Material provided
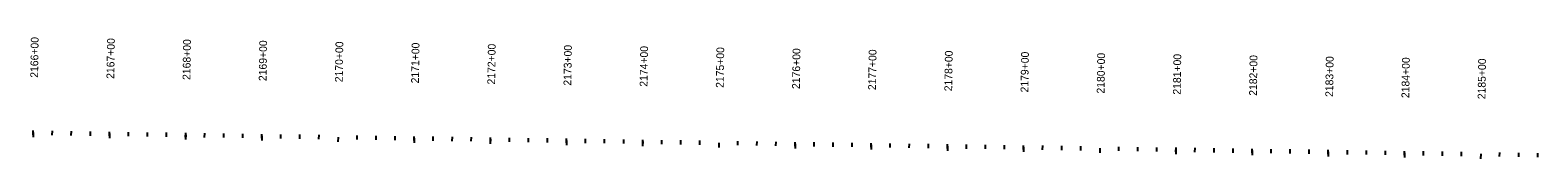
# Model space of a CAD drawing. Extents: x 14295116 to 14303545, y 8637313 to 8653417.
# Drawn here: x 14297107 to 14299086, y 8637595 to 8637755 of the extents above; entities that cross this region are included whole.
import ezdxf

# ---------------------------------------------------------------- set-up
doc = ezdxf.new("R2010")
doc.units = 0
doc.layers.add('Draft_DNC', color=7, linetype='Continuous')
doc.layers.add('G Prop 6 Valve (B1) CELL', color=7, linetype='Continuous')

msp = doc.modelspace()

# ---------------------------------------------------------------- linework, layer by layer
at = {"layer": 'Draft_DNC'}
for p, q in [((14297111.2, 8637629.7), (14297111.1, 8637623.6)), ((14297136.1, 8637626.2), (14297136.2, 8637631.7)), ((14297161.1, 8637625.9), (14297161.2, 8637631.3)), ((14297186.1, 8637625.5), (14297186.2, 8637631)), ((14297211.2, 8637628.2), (14297211.1, 8637622.1)), ((14297236.1, 8637624.8), (14297236.2, 8637630.2)), ((14297261.1, 8637624.4), (14297261.2, 8637629.8)), ((14297286.1, 8637624), (14297286.2, 8637629.5)), ((14297311.2, 8637626.7), (14297311.1, 8637620.6)), ((14297336.1, 8637623.3), (14297336.2, 8637628.7)), ((14297361.1, 8637622.9), (14297361.2, 8637628.4)), ((14297386.1, 8637622.5), (14297386.2, 8637628)), ((14297411.2, 8637625.2), (14297411.1, 8637619.1)), ((14297436.1, 8637621.8), (14297436.2, 8637627.2)), ((14297461.1, 8637621.4), (14297461.2, 8637626.9)), ((14297486.1, 8637621), (14297486.2, 8637626.5)), ((14297511.2, 8637623.7), (14297511.1, 8637617.6)), ((14297536.1, 8637620.3), (14297536.2, 8637625.8)), ((14297561.1, 8637619.9), (14297561.2, 8637625.4)), ((14297586.1, 8637619.6), (14297586.2, 8637625)), ((14297636.1, 8637618.8), (14297636.2, 8637624.3)), ((14297661.1, 8637618.4), (14297661.2, 8637623.9)), ((14297686.1, 8637618.1), (14297686.2, 8637623.5)), ((14297611.1, 8637622.2), (14297611, 8637616.1)), ((14297711.1, 8637620.8), (14297711, 8637614.6)), ((14297736.1, 8637617.3), (14297736.2, 8637622.8)), ((14297761.1, 8637617), (14297761.2, 8637622.4)), ((14297786.1, 8637616.6), (14297786.2, 8637622.1)), ((14297811.1, 8637619.3), (14297811, 8637613.2)), ((14297836.1, 8637615.8), (14297836.2, 8637621.3)), ((14297861.1, 8637615.5), (14297861.1, 8637620.9)), ((14297886.1, 8637615.1), (14297886.1, 8637620.6)), ((14297911.1, 8637617.8), (14297911, 8637611.7)), ((14297936.1, 8637614.4), (14297936.1, 8637619.8)), ((14297961.1, 8637614), (14297961.1, 8637619.5)), ((14297986.1, 8637613.6), (14297986.1, 8637619.1)), ((14298011.1, 8637616.3), (14298011, 8637610.2)), ((14298036, 8637612.9), (14298036.1, 8637618.3)), ((14298061, 8637612.5), (14298061.1, 8637618)), ((14298086, 8637612.1), (14298086.1, 8637617.6)), ((14298111.1, 8637614.8), (14298111, 8637608.7)), ((14298136, 8637611.4), (14298136.1, 8637616.9)), ((14298161, 8637611), (14298161.1, 8637616.5)), ((14298186, 8637610.7), (14298186.1, 8637616.1)), ((14298211.1, 8637613.3), (14298211, 8637607.2)), ((14298236, 8637609.9), (14298236.1, 8637615.4)), ((14298261, 8637609.5), (14298261.1, 8637615)), ((14298286, 8637609.2), (14298286.1, 8637614.6)), ((14298311.1, 8637611.9), (14298311, 8637605.7)), ((14298336, 8637608.4), (14298336.1, 8637613.9)), ((14298361, 8637608.1), (14298361.1, 8637613.5)), ((14298386, 8637607.7), (14298386.1, 8637613.1)), ((14298411.1, 8637610.4), (14298411, 8637604.3)), ((14298436, 8637606.9), (14298436.1, 8637612.4)), ((14298461, 8637606.6), (14298461.1, 8637612)), ((14298486, 8637606.2), (14298486.1, 8637611.7)), ((14298511, 8637608.9), (14298511, 8637602.8)), ((14298536, 8637605.5), (14298536.1, 8637610.9)), ((14298561, 8637605.1), (14298561.1, 8637610.5)), ((14298586, 8637604.7), (14298586.1, 8637610.2)), ((14298611, 8637607.4), (14298610.9, 8637601.3)), ((14298636, 8637604), (14298636.1, 8637609.4)), ((14298661, 8637603.6), (14298661.1, 8637609.1)), ((14298686, 8637603.2), (14298686.1, 8637608.7)), ((14298711, 8637605.9), (14298710.9, 8637599.8)), ((14298736, 8637602.5), (14298736.1, 8637607.9)), ((14298761, 8637602.1), (14298761, 8637607.6)), ((14298786, 8637601.7), (14298786, 8637607.2)), ((14298811, 8637604.4), (14298810.9, 8637598.3)), ((14298836, 8637601), (14298836, 8637606.5)), ((14298861, 8637600.6), (14298861, 8637606.1)), ((14298886, 8637600.3), (14298886, 8637605.7)), ((14298935.9, 8637599.5), (14298936, 8637605)), ((14298960.9, 8637599.1), (14298961, 8637604.6)), ((14298985.9, 8637598.8), (14298986, 8637604.2)), ((14299035.9, 8637598), (14299036, 8637603.5)), ((14298911, 8637602.9), (14298910.9, 8637596.8)), ((14299011, 8637601.5), (14299010.9, 8637595.3)), ((14299060.9, 8637597.7), (14299061, 8637603.1)), ((14299085.9, 8637597.3), (14299086, 8637602.7))]:
    msp.add_line(p, q, dxfattribs=at)
at = {"layer": 'G Prop 6 Valve (B1) CELL'}
for p, q in [((14297111.2, 8637626.6), (14297111.2, 8637632.1)), ((14297211.1, 8637625.1), (14297211.2, 8637630.6)), ((14297311.1, 8637623.6), (14297311.2, 8637629.1)), ((14297411.1, 8637622.2), (14297411.2, 8637627.6)), ((14297511.2, 8637623.7), (14297511.1, 8637617.6)), ((14297611.1, 8637619.2), (14297611.2, 8637624.6)), ((14297711.1, 8637617.7), (14297711.2, 8637623.2)), ((14297811.1, 8637616.2), (14297811.2, 8637621.7)), ((14297911.1, 8637614.7), (14297911.1, 8637620.2)), ((14298011.1, 8637616.3), (14298011, 8637610.2)), ((14298111, 8637611.8), (14298111.1, 8637617.2)), ((14298211, 8637610.3), (14298211.1, 8637615.7)), ((14298311, 8637608.8), (14298311.1, 8637614.3)), ((14298411, 8637607.3), (14298411.1, 8637612.8)), ((14298511, 8637608.9), (14298511, 8637602.8)), ((14298611, 8637604.3), (14298611.1, 8637609.8)), ((14298711, 8637602.9), (14298711.1, 8637608.3)), ((14298811, 8637601.4), (14298811, 8637606.8)), ((14298911, 8637599.9), (14298911, 8637605.3)), ((14299011, 8637601.5), (14299010.9, 8637595.3))]:
    msp.add_line(p, q, dxfattribs=at)

# ---------------------------------------------------------------- texts
at = {"layer": 'Draft_DNC'}
for s, p in [('2166+00', (14297117.4, 8637701.5)), ('2167+00', (14297217.4, 8637700)), ('2168+00', (14297317.3, 8637698.6)), ('2169+00', (14297417.3, 8637697.1)), ('2170+00', (14297517.3, 8637695.6)), ('2171+00', (14297617.3, 8637694.1)), ('2172+00', (14297717.3, 8637692.6)), ('2173+00', (14297817.3, 8637691.1)), ('2174+00', (14297917.3, 8637689.7)), ('2175+00', (14298017.3, 8637688.2)), ('2176+00', (14298117.3, 8637686.7)), ('2177+00', (14298217.2, 8637685.2)), ('2178+00', (14298317.2, 8637683.7)), ('2179+00', (14298417.2, 8637682.2)), ('2180+00', (14298517.2, 8637680.7)), ('2181+00', (14298617.2, 8637679.3)), ('2182+00', (14298717.2, 8637677.8)), ('2183+00', (14298817.2, 8637676.3)), ('2184+00', (14298917.2, 8637674.8)), ('2185+00', (14299017.2, 8637673.3))]:
    msp.add_text(s, height=10.2, rotation=89.1493, dxfattribs=at).set_placement(p)
at = {"layer": 'G Prop 6 Valve (B1) CELL'}
for s, p in [('2170+00', (14297517.3, 8637695.6)), ('2175+00', (14298017.3, 8637688.2)), ('2180+00', (14298517.2, 8637680.7)), ('2185+00', (14299017.2, 8637673.3))]:
    msp.add_text(s, height=10.2, rotation=89.1493, dxfattribs=at).set_placement(p)

doc.saveas('drawing.dxf')

Assigned task
Scan the listing above. Collect all lines with the word "Continuous".

Solution for this task
doc.layers.add('Draft_DNC', color=7, linetype='Continuous')
doc.layers.add('G Prop 6 Valve (B1) CELL', color=7, linetype='Continuous')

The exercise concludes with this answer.